Extracted data entries
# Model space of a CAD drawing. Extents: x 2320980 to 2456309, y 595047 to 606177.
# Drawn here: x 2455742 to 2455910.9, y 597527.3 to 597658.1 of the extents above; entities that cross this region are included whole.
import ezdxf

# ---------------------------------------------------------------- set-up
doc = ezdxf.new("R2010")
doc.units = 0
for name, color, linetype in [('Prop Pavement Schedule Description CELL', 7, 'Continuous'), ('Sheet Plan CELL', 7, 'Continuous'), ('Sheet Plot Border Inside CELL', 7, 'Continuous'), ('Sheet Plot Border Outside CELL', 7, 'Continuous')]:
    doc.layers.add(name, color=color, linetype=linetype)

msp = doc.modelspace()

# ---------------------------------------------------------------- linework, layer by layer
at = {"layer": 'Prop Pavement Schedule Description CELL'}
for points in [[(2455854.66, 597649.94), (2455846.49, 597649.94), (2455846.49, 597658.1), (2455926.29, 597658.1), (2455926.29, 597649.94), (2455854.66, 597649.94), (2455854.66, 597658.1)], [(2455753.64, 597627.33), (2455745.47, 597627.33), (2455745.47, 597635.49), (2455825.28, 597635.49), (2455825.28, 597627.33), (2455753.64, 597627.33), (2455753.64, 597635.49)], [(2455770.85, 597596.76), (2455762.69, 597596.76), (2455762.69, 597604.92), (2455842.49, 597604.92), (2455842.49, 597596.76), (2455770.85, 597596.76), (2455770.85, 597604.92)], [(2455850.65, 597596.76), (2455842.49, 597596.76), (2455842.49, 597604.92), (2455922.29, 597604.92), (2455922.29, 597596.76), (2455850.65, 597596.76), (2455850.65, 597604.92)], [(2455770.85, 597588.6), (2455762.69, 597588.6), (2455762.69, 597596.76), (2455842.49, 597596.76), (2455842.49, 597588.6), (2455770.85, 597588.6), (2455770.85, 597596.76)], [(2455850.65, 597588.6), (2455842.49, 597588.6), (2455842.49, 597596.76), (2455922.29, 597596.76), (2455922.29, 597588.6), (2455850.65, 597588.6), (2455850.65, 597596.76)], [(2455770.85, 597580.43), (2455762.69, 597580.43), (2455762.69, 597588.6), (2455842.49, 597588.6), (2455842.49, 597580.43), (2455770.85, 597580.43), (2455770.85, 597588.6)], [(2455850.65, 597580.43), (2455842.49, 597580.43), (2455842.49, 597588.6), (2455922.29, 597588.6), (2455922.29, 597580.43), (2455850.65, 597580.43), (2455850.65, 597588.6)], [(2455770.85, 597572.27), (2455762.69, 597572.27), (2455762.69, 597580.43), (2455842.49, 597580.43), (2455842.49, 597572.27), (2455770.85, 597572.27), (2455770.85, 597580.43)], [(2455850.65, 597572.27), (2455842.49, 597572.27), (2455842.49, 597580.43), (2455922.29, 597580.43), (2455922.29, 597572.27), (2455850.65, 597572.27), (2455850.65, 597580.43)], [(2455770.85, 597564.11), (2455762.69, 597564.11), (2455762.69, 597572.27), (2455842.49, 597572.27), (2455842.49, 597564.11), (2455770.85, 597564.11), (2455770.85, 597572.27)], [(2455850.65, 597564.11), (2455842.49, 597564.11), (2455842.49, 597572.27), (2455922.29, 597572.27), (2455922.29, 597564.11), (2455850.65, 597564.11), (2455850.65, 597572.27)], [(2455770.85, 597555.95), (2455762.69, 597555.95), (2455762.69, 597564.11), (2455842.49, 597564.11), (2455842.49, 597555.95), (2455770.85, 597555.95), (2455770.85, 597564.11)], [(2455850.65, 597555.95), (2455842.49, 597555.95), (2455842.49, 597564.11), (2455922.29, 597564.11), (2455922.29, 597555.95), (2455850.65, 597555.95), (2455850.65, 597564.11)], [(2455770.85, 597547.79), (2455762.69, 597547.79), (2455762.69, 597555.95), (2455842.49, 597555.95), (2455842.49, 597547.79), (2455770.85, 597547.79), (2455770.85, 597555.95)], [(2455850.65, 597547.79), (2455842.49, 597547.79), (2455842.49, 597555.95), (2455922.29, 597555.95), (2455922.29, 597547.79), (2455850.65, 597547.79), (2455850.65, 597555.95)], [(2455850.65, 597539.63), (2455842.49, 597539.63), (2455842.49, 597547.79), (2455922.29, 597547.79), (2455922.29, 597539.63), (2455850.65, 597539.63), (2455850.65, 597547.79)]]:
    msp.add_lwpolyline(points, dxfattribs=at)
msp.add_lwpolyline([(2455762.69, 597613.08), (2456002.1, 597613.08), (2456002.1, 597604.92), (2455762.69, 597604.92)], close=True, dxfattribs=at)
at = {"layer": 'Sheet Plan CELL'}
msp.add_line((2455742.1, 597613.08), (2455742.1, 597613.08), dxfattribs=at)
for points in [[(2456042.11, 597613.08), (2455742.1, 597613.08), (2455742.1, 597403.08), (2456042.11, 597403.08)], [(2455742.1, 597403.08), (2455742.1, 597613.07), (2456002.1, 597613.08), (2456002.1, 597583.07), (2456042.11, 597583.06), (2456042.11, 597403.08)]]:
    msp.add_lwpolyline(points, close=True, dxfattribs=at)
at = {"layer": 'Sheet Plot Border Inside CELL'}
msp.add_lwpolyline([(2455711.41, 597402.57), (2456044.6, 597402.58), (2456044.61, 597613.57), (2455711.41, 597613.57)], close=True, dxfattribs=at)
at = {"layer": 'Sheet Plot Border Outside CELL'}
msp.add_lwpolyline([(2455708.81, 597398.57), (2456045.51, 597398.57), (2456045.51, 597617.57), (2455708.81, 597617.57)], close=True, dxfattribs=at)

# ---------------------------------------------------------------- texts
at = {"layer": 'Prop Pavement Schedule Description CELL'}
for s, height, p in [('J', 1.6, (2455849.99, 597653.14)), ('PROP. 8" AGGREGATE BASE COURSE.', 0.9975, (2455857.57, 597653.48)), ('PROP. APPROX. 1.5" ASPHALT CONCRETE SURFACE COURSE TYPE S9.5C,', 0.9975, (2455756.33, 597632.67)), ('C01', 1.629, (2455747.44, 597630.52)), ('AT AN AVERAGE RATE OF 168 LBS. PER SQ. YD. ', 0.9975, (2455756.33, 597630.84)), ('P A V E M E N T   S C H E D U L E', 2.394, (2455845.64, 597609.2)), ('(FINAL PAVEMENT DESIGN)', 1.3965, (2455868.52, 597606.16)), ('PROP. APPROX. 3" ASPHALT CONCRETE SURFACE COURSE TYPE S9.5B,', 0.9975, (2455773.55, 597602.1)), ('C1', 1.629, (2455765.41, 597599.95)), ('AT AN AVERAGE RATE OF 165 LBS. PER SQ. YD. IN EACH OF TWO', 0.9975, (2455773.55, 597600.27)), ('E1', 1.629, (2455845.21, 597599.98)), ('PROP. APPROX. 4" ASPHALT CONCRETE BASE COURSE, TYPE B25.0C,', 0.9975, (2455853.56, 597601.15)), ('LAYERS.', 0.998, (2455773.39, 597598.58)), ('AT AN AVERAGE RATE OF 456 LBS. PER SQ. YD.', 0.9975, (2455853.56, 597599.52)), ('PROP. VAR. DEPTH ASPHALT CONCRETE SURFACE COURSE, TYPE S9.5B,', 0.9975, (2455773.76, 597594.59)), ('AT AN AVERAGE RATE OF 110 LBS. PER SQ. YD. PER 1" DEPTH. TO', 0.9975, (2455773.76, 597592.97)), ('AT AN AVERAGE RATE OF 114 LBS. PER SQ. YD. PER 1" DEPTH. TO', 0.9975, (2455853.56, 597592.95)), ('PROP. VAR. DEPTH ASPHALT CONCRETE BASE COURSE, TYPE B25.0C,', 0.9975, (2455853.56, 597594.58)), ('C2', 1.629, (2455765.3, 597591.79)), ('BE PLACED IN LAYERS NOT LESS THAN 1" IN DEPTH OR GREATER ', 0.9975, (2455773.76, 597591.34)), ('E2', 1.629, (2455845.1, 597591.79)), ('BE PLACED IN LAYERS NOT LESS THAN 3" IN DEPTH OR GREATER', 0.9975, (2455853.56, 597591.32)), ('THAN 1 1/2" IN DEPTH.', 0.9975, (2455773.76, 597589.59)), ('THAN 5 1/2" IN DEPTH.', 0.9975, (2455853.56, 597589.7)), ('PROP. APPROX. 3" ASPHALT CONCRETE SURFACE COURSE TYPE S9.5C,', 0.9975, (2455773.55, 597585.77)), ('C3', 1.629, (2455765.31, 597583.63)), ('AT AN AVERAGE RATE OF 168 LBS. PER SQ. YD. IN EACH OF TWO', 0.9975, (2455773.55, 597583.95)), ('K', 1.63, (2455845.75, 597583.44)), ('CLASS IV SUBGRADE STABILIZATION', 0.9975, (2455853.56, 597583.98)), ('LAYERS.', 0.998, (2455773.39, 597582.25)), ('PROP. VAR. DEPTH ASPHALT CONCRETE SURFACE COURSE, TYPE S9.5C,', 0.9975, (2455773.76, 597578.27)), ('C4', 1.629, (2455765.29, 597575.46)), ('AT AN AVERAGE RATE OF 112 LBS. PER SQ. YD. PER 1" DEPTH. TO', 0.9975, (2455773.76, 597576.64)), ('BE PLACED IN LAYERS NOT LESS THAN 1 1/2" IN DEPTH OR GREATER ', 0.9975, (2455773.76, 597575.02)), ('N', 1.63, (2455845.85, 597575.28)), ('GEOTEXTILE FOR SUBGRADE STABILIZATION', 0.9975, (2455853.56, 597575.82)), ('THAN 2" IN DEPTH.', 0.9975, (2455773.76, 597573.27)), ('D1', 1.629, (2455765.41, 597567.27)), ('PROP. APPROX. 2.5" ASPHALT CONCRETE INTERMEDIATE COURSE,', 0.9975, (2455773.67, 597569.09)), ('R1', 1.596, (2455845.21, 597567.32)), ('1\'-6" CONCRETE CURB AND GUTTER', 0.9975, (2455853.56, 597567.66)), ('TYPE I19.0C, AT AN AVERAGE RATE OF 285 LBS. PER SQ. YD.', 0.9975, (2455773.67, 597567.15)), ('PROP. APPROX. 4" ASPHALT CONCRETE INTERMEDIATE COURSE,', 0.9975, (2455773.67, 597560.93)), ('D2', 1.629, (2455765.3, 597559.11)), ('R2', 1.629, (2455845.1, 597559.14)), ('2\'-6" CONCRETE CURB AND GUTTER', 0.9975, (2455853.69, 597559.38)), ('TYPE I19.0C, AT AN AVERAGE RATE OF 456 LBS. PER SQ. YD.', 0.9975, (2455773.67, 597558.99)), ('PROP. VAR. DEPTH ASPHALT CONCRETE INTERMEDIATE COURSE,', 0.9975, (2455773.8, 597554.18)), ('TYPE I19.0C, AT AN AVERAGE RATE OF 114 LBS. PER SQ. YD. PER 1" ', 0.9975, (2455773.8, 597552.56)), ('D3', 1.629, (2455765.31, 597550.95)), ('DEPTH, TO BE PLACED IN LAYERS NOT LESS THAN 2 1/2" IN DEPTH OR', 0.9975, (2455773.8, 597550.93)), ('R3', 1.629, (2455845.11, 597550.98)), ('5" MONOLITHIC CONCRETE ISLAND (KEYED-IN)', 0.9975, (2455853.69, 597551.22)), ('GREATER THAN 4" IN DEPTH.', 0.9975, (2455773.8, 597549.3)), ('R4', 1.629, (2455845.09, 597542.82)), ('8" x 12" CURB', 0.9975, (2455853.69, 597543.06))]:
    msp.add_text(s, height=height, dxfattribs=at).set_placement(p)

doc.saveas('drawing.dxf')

What the exercise asks: Since only the total is wanted, work out how many lines of the data above contain "Outside" and state it alone.

Answer to this task: 2